The US Supreme Court held (5-4) that by ratifying the
Constitution, the States agreed their sovereignty would yield to
the national power to raise and support the Armed Forces, so
Congress may exercise this power to authorize private damages
suits against nonconsenting States, as in USERRA.
While
sovereign immunity generally bars private suits against
nonconsenting States, the States remain subject to suit in certain
circumstances. States may consent to suit; Congress may abrogate
States’ immunity under the Fourteenth Amendment; and States may be
sued if they agreed their sovereignty would yield to the exercise
of a particular federal power as part of the "plan of the
Convention," – that is, if "the structure of the original
Constitution itself" reflects a waiver of States’ immunity.
The majority pointed out that, generally, sovereign immunity
waivers cannot be found when Congress exercises its powers under
Article I of the constitution. However, there have been exceptions
in which the Court has found "structural waiver" – cases involving
bankruptcy and cases involving Congress' eminent domain power.
The case involving Congress' eminent domain power defined the
test for structural waiver as whether the federal power is
"complete in itself, and the States consented to the exercise of
that power – in its entirety – in the plan of the Convention."
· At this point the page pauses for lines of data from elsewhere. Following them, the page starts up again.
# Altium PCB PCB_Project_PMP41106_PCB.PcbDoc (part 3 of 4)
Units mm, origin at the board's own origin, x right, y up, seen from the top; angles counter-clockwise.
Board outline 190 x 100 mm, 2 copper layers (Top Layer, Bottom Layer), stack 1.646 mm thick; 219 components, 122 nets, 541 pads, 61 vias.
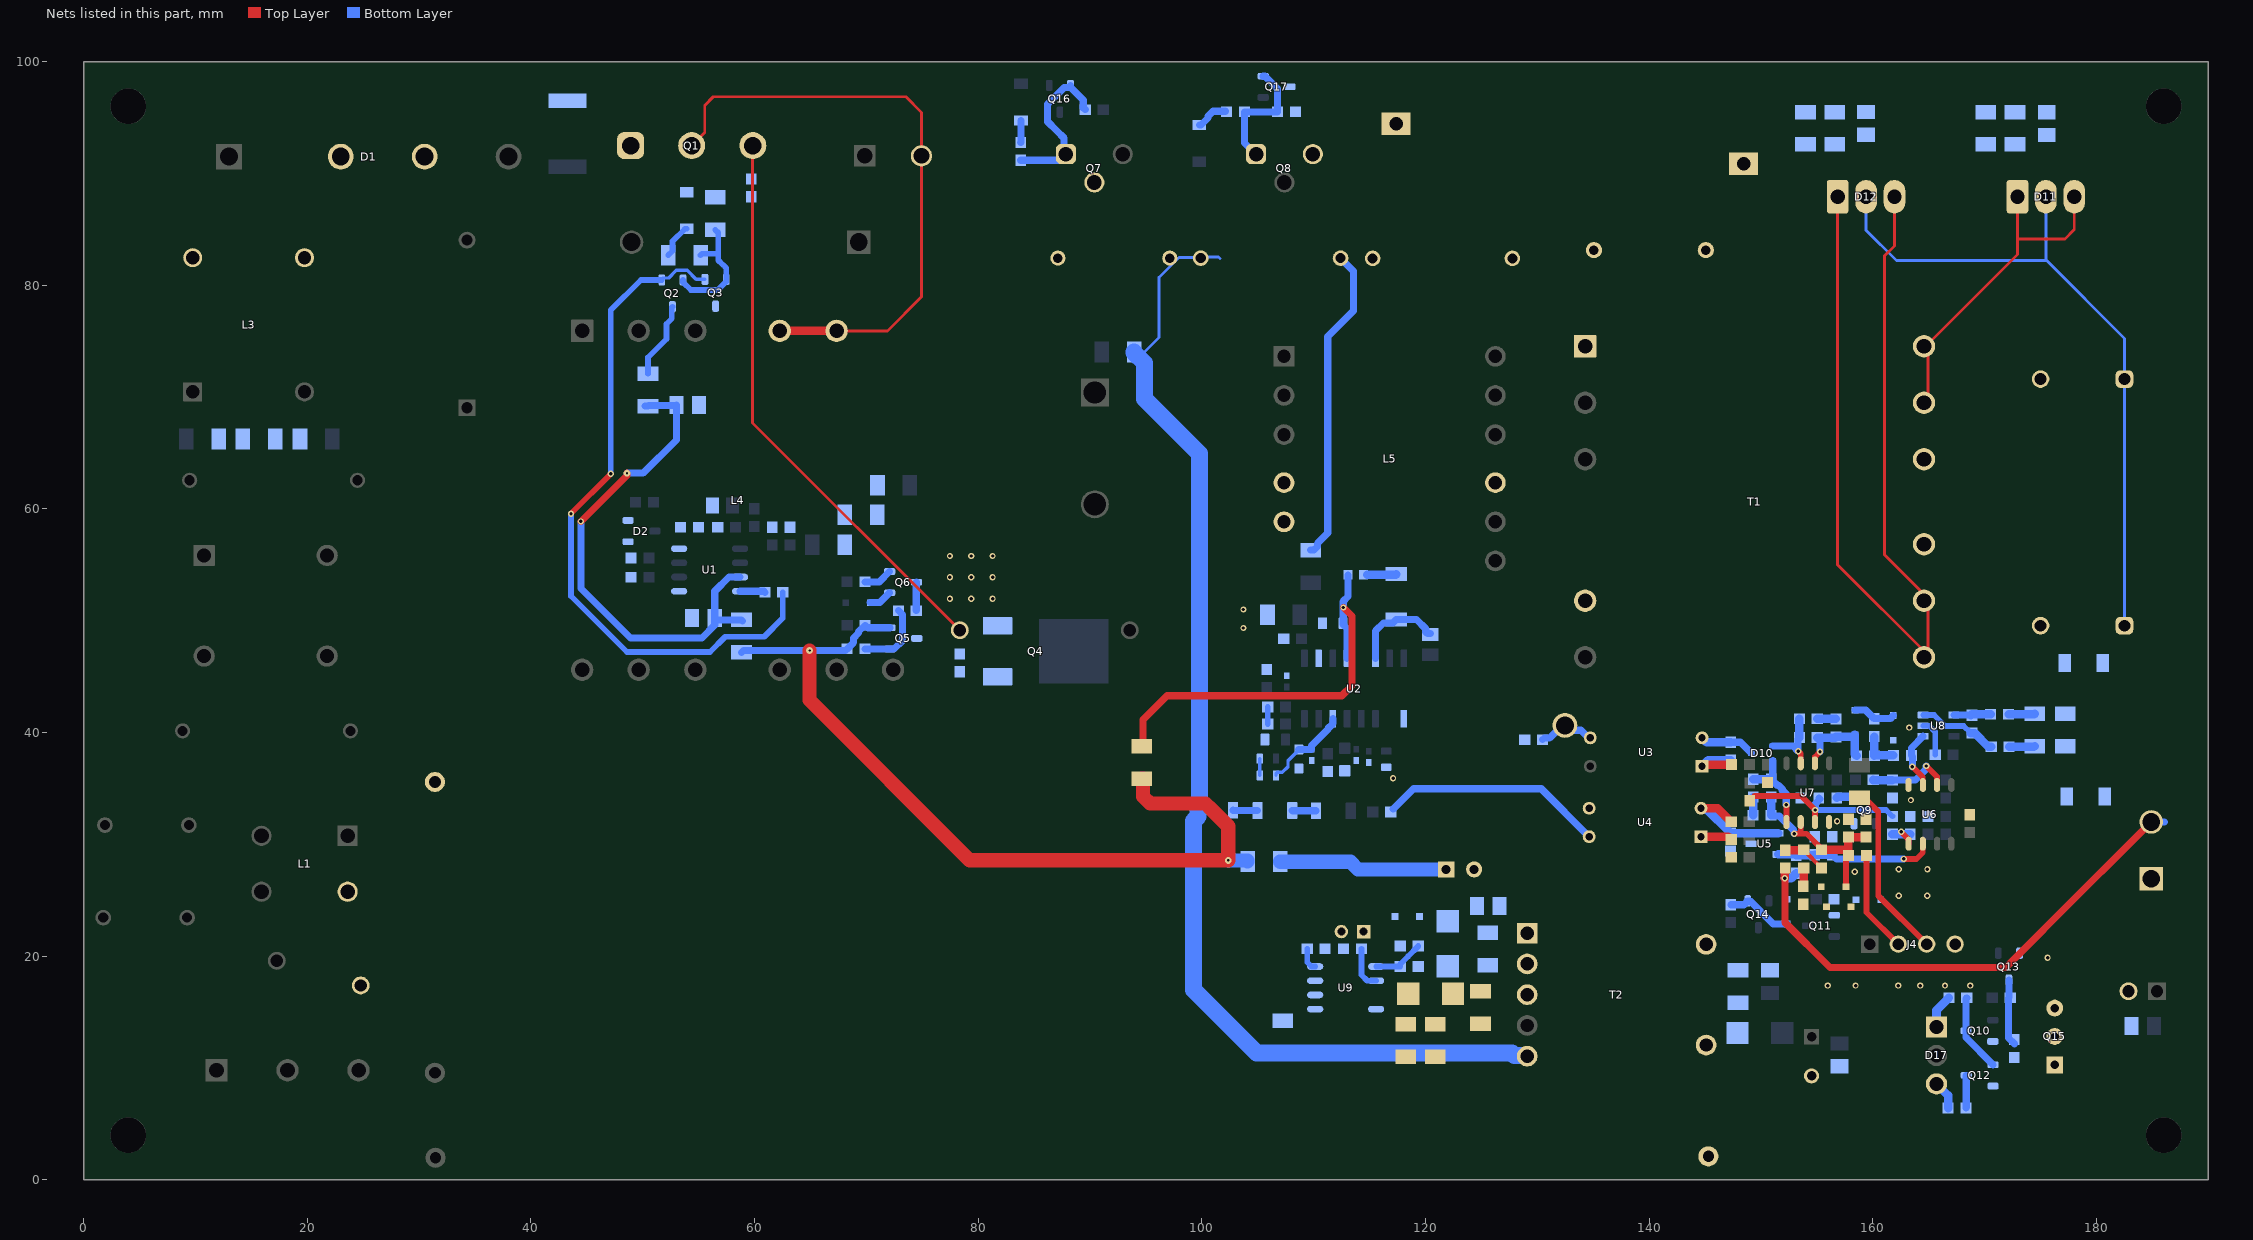
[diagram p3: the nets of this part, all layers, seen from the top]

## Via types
v1: diameter 0.559, hole 0.305, Top Layer to Bottom Layer, tented both sides, 50 vias
v2: diameter 0.61, hole 0.203, Top Layer to Bottom Layer, tented both sides, 9 vias
v3: diameter 0.559, hole 0.305, Top Layer to Bottom Layer, 2 vias

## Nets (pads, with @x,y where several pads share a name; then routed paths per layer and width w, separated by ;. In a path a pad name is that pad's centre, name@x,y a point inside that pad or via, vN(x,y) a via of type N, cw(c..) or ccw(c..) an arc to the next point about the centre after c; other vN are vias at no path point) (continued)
NetC17_2: C17.2 R27.1 R28.1 U2.12 | length 37.4
  Top Layer w0.635: R28.1@94.615,38.788 94.742,38.915 94.742,41.148 96.884,43.29 112.505,43.29 113.411,44.196 113.411,50.419 v3(112.649,51.181)
  Top Layer w1.27: R28.1@94.488,38.803 94.503,38.788 R28.1@94.615,38.788
  Bottom Layer w0.635: C17.2@112.634,49.659 112.979,49.314 U2.12@112.979,46.636 ; C17.2@112.634,49.784 112.634,51.736 113.067,52.168 R27.1@113.067,54.102
NetC18_2: C18.2 D9.1 U2.14 | length 8.4
  Bottom Layer w0.635: U2.14@115.519,46.636 115.519,49.098 116.225,49.804 117.071,49.804 D9.1@117.373,50.106 119.185,50.106 120.014,49.277 120.014,49.011 120.155,48.87 C18.2@120.421,48.87
NetC19_1: C19.1 R35.1 R37.2 U2.6 | length 8.1
  Bottom Layer w0.305: R35.1@106.626,36.165 106.626,36.34 106.748,36.462 107.201,36.462 107.696,36.957 107.696,37.478 108.661,38.443 R37.2@108.661,38.493
  Bottom Layer w0.635: R37.2@108.661,38.493 108.667,38.498 C19.1@109.804,38.498 109.804,38.824 111.257,40.277 111.257,40.344 111.709,40.796 U2.6@111.709,41.236
NetC22_2: C22.2 C23.1 C24.1 T1.5 | length 28.2
  Bottom Layer w0.635: C24.1@109.728,56.314 110.003,56.314 110.335,56.647 110.335,56.921 111.252,57.838 111.252,75.422 113.538,77.708 113.538,81.282 C22.2@112.447,82.372
NetC27_1: C27.1 R42.1 U4.2 U5.1 | length 11
  Top Layer w0.762: U4.2@144.624,33.23 146.114,33.23 R42.1@147.333,32.011
  Bottom Layer w0.762: U4.2@144.624,33.23 145.047,33.23 C27.1@147.269,31.007 147.272,31.005 U5.1@151.517,31.005
NetC29_1: C29.1 R43.1 R44.2 U5.2 U6.6 | length 14.2
  Top Layer w0.508: v1(162.763,28.702) 163.881,28.702 164.465,29.286 U6.6@164.465,30.065
  Bottom Layer w0.635: C29.1@156.362,29.077 156.737,28.702 v1(162.763,28.702)
  Bottom Layer w0.762: U5.2@151.517,29.105 153.058,29.105 R43.1@153.137,29.026 154.737,29.026 R44.2@154.788,29.077 C29.1@156.362,29.077
NetC31_1: C31.1 C34.2 D10.2 U7.1 | length 7.8
  Top Layer w0.508: v1(152.248,33.535) 152.248,33.382 152.273,33.357 U7.1@152.273,32.002
  Bottom Layer w0.635: D10.2@151.039,37.507 151.039,35.894 150.939,35.795 151.484,35.251 151.591,35.251 151.894,34.948 151.894,34.841 152.248,34.487 v1(152.248,33.535)
  Bottom Layer w0.762: C31.1@149.301,35.833 C34.2@150.901,35.833 C34.2@150.939,35.795
NetC31_2: C31.2 R53.2 | length 1.6
  Bottom Layer w0.762: R53.2@149.289,32.62 149.301,32.633 C31.2@149.301,34.233
NetC32_1: C32.1 C33.2 D10.1 U7.7 | length 6.6
  Top Layer w0.508: v1(153.314,38.335) 153.543,38.107 U7.7@153.543,37.252
  Bottom Layer w0.635: D10.1@151.039,38.807 152.842,38.807 v1(153.314,38.335) 153.314,39.44 C33.2@153.429,39.554
  Bottom Layer w0.762: C33.2@153.429,39.554 C32.1@153.429,41.231
NetC32_2: C32.2 R54.1 | length 1.7
  Bottom Layer w0.762: C32.2@155.029,41.231 155.042,41.218 R54.1@156.693,41.218
NetC33_1: C33.1 D13.1 R54.2 R60.1 U7.6 | length 8
  Top Layer w0.508: U7.6@154.813,37.252 154.813,37.827 v1(155.27,38.284)
  Bottom Layer w0.635: C33.1@155.029,39.554 155.27,39.313 v1(155.27,38.284)
  Bottom Layer w0.762: C33.1@155.029,39.554 156.629,39.554 R54.2@156.693,39.618 158.212,39.618 D13.1@158.394,39.801 158.394,38.069 R60.1@158.534,37.929
NetC37_2: C37.2 R48.2 R49.2
NetC38_2: C38.2 R50.2 R51.2
NetC40_1: C40.1 R60.2 R61.2 | length 3.4
  Bottom Layer w0.762: C40.1@160.122,39.643 160.134,39.631 R60.2@160.134,37.929 160.16,37.954 R61.2@161.836,37.954
NetC40_2: C40.2 D13.2 D15.1 | length 3.9
  Bottom Layer w0.635: D13.2@158.394,42.001 159.364,42.001 C40.2@160.122,41.243 161.549,41.243 D15.1@161.823,41.518
NetC42_1: C42.1 R87.1 | length 1.8
  Top Layer w0.762: C42.1@153.721,26.251 C42.1@153.81,26.34 ; C42.1@153.772,26.251 153.81,26.289 C42.1@153.81,26.34 ; R87.1@153.81,27.921 R87.1@153.81,27.889 C42.1@153.81,26.34
NetC42_2: C42.2 D14.1 D16.2
NetC45_1: C45.1 R67.1 U8.4 | length 3.3
  Bottom Layer w0.635: U8.4@167.237,41.571 168.735,41.571 C45.1@168.758,41.548
  Bottom Layer w0.762: C45.1@168.758,41.548 168.847,41.637 R67.1@170.523,41.637
NetC45_2: C45.2 R70.1 U8.3 | length 7.3
  Bottom Layer w0.508: U8.3@164.487,41.571 165.471,41.571 166.448,40.594 168.112,40.594 C45.2@168.758,39.948
  Bottom Layer w0.762: C45.2@168.758,39.948 169.1,39.948 170.332,38.716 R70.1@170.574,38.716
NetC46_2: C46.2 J2.1 R68.2 R69.2 R70.2 | length 2.3
  Bottom Layer w0.762: R70.2@172.174,38.716 174.399,38.716 R68.2@174.473,38.79
NetC48_1: C48.1 C50.1 D19.1 U9.6 | length 3.9
  Bottom Layer w0.508: C50.1@114.262,20.682 114.262,18.333 114.783,17.812 U9.6@115.577,17.812
NetC49_1: C49.1 C51.2 D19.2 D20.1 R74.2 | length 15.1
  Bottom Layer w1.27: R74.2@106.987,28.473 106.987,28.463 107.002,28.448 113.284,28.448 113.963,27.769 C49.1@121.838,27.769
NetC51_1: C51.1 R75.1
NetC52_2: C52.2 D21.1 R76.1
NetC53_2: C53.2 R81.2
NetC56_2: C56.2 J3.2 Q15.3
NetD1_2: D1.2 L3.4
NetD1_3: D1.3 L3.3
NetD4_1: D4.1 R12.2 | length 3.1
  Bottom Layer w0.508: R12.2@52.271,82.677 52.667,83.073 52.667,83.936 53.772,85.04 D4.1@53.924,85.04
NetD4_2: D4.2 Q1.1 R8.2 R9.2
NetD5_2: D5.2 L4.4 L4.5 Q1.2 | length 54.8
  Top Layer w0.254: Q1.2@54.356,92.488 55.539,93.671 55.539,96.081 56.308,96.85 73.533,96.85 74.93,95.453 74.93,91.421 74.93,78.969 71.88,75.918 L4.5@67.332,75.918
  Top Layer w0.762: L4.4@62.252,75.918 L4.5@67.332,75.918
NetD6_2: D6.2 Q6.1 | length 2.1
  Bottom Layer w0.635: D6.2@70.34,51.619 71.2,51.619 Q6.1@72.079,52.498
NetD7_1: D7.1 R29.1 | length 2
  Bottom Layer w0.635: R29.1@83.795,92.773 83.807,92.786 83.807,94.717 D7.1@83.82,94.73
NetD8_1: D8.1 R30.1 | length 2.9
  Bottom Layer w0.635: D8.1@99.771,94.322 99.924,94.322 100.555,94.953 100.555,95.106 101.004,95.555 R30.1@102.095,95.555
NetD9_2: D9.2 R27.2 | length 2.6
  Bottom Layer w0.762: R27.2@114.783,54.102 117.329,54.102 D9.2@117.373,54.146
NetD10_3: D10.3 R41.2 U3.2 | length 5
  Bottom Layer w0.635: R41.2@147.295,39.135 148.161,39.135 D10.3@149.139,38.157
  Bottom Layer w0.762: U3.2@144.725,39.529 145.119,39.135 R41.2@147.295,39.135
NetD11_1: D11.1 D11.3 R48.1 R49.1 T1.11 T1.12 | length 29.8
  Top Layer w0.254: T1.11@164.922,69.665 164.922,74.745 172.923,82.746 172.923,84.131 ; D11.1@172.923,87.865 172.923,84.131 ; D11.3@178.003,87.865 178.003,84.97 177.165,84.131 172.923,84.131
NetD12_1: D12.1 D12.3 R50.1 R51.1 T1.7 T1.8 | length 87.3
  Top Layer w0.254: D12.1@156.845,87.916 156.845,55.012 164.922,46.935 164.922,52.015 161.036,55.901 161.036,82.633 161.925,83.522 D12.3@161.925,87.916
NetD17_1: D17.1 R71.2 | length 3.1
  Bottom Layer w0.762: D17.1@165.684,13.665 165.684,15.176 R71.2@166.789,16.281
NetD17_3: D17.3 R72.2 | length 2.6
  Bottom Layer w0.762: D17.3@165.684,8.585 166.713,7.556 R72.2@166.713,6.426
NetD18_1: D18.1 Q11.1 R73.2
NetD20_2: D20.2 R75.2 R79.2 T2.2
NetD21_2: D21.2 R77.2
NetD22_2: D22.2 R81.1 T2.7
NetD23_1: D23.1 Q14.1 R82.2 | length 6.1
  Bottom Layer w0.635: R82.2@147.295,24.606 148.459,24.606 Q14.1@148.808,24.956 149.016,24.956 151.087,22.884 D23.1@152.349,22.884
NetF1_1: F1.1 L1.2 RV1.1 | length 0
  Top Layer w0.254: RV1.1@24.781,17.391 RV1.1@24.79,17.4
NetI_OPTO_1: I_OPTO.1 R38.2 U3.3 | length 5.1
  Bottom Layer w0.635: R38.2@130.467,39.37 130.624,39.528 131.095,39.528 132.08,40.513 132.588,40.513 132.889,40.212 133.903,40.212 134.586,39.529 U3.3@134.725,39.529
NetJ4_2: J4.2 R86.1 | length 9.1
  Top Layer w0.508: R86.1@159.423,29.007 159.423,23.925 J4.2@162.266,21.082
NetJ4_3: J4.3 R85.2 | length 15.8
  Top Layer w0.508: R85.2@158.801,34.174 159.222,34.174 160.477,32.918 160.477,25.411 J4.3@164.806,21.082
NetL5_9: L5.9 T1.1
NetQ2_1: Q2.1 Q3.1 R11.2 | length 61.8
  Top Layer w0.508: v1(43.586,59.57) 43.586,59.579 47.142,63.135 v1(47.142,63.144)
  Bottom Layer w0.305: Q2.1@51.704,80.473 51.704,80.497 51.852,80.645 52.324,80.645 53.005,81.326 53.962,81.326 54.764,80.524 Q3.1@55.565,80.524
  Bottom Layer w0.508: v1(43.586,59.57) 43.586,52.204 48.59,47.2 56.007,47.2 57.379,48.571 60.858,48.571 62.522,50.235 R11.2@62.522,52.534 ; v1(47.142,63.144) 47.142,77.775 49.841,80.473 Q2.1@51.704,80.473
NetQ2_2: Q2.2 Q3.2 R9.1 R12.1 | length 11.3
  Bottom Layer w0.508: Q2.2@53.604,80.473 53.604,80.273 54.307,79.57 56.711,79.57 57.465,80.324 Q3.2@57.465,80.524 57.465,81.544 57.167,81.841 57.142,81.841 56.746,82.237 56.746,82.804 ; R12.1@55.171,82.677 55.298,82.804 56.746,82.804 ; R9.1@56.49,84.949 56.746,84.692 56.746,82.804
NetQ2_3: Q2.3 R13.2 | length 6.9
  Bottom Layer w0.508: R13.2@50.47,72.087 50.47,73.546 52.121,75.197 52.121,76.538 52.608,77.025 52.608,78.027 Q2.3@52.654,78.073
NetQ4_1: Q4.1 Q5.3 R20.2
NetQ5_1: Q5.1 R21.1 R22.2 | length 6.5
  Bottom Layer w0.635: R21.1@69.863,47.479 72.094,47.479 Q5.1@72.104,47.469 72.481,47.469 73.228,48.216 73.228,50.54 R22.2@72.86,50.908
NetQ6_3: Q6.3 R22.1 | length 2.5
  Bottom Layer w0.635: R22.1@74.46,50.908 74.46,53.429 Q6.3@74.479,53.448
NetQ7_1: Q7.1 Q16.2 R29.2 R33.2 | length 14.9
  Bottom Layer w0.635: R29.2@83.795,91.173 87.26,91.173 87.812,91.726 87.884,91.726 87.684,91.926 87.684,93.139 86.995,93.828 86.208,94.615 86.208,96.206 87.692,97.69 88.232,97.69 Q16.2@88.25,97.707 ; Q16.2@88.25,97.872 Q16.2@88.25,97.707 ; R33.2@89.573,95.707 89.548,95.707 89.391,95.865 89.391,96.566 Q16.2@88.25,97.707
NetQ8_1: Q8.1 Q17.2 R30.2 R34.2 | length 10.9
  Bottom Layer w0.635: Q8.1@104.724,91.726 104.724,91.798 103.797,92.725 R30.2@103.797,95.504 R34.2@106.769,95.504 106.769,97.565 105.645,98.689 Q17.2@105.48,98.689
NetQ9_3: Q9.3 R55.1 | length 2.5
  Bottom Layer w0.762: R55.1@156.769,34.157 156.864,34.252 Q9.3@159.258,34.252
NetQ10_3: Q10.3 Q12.1 R71.1 | length 7
  Bottom Layer w0.635: R71.1@168.389,16.281 168.32,16.212 Q10.3@168.32,13.335 168.32,12.723 Q12.1@170.745,10.297
NetQ12_3: Q12.3 R72.1 | length 2.9
  Bottom Layer w0.635: R72.1@168.313,6.426 168.345,6.458 Q12.3@168.345,9.347
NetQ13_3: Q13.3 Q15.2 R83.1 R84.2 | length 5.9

The majority concluded that Congress’ power to build and
maintain a national military is "complete in itself": Upon
entering the Union, the States agreed that their sovereignty would
"yield . . . so far as is necessary" to federal policy for the
Armed Forces. Therefore, there is no State immunity for suits
under USERRA.
The four dissenting Justices pointed out that
in 1999 the Court held that "the powers delegated to Congress
under Article I of the United States Constitution do not include
the power to subject nonconsenting States to private suits for
damages in state courts."
The dissent also said, "[T]he
Court brushes aside a 23-year-old, pathbreaking precedent, while
elevating a single phrase, made in passing in a one-year-old,
highly circumscribed precedent. It then uses that phrase to
fashion a test for plan-of-the-Convention waiver that mimics
earlier attempts by this Court to deny States the dignity owed to
them in our system of dual federalism."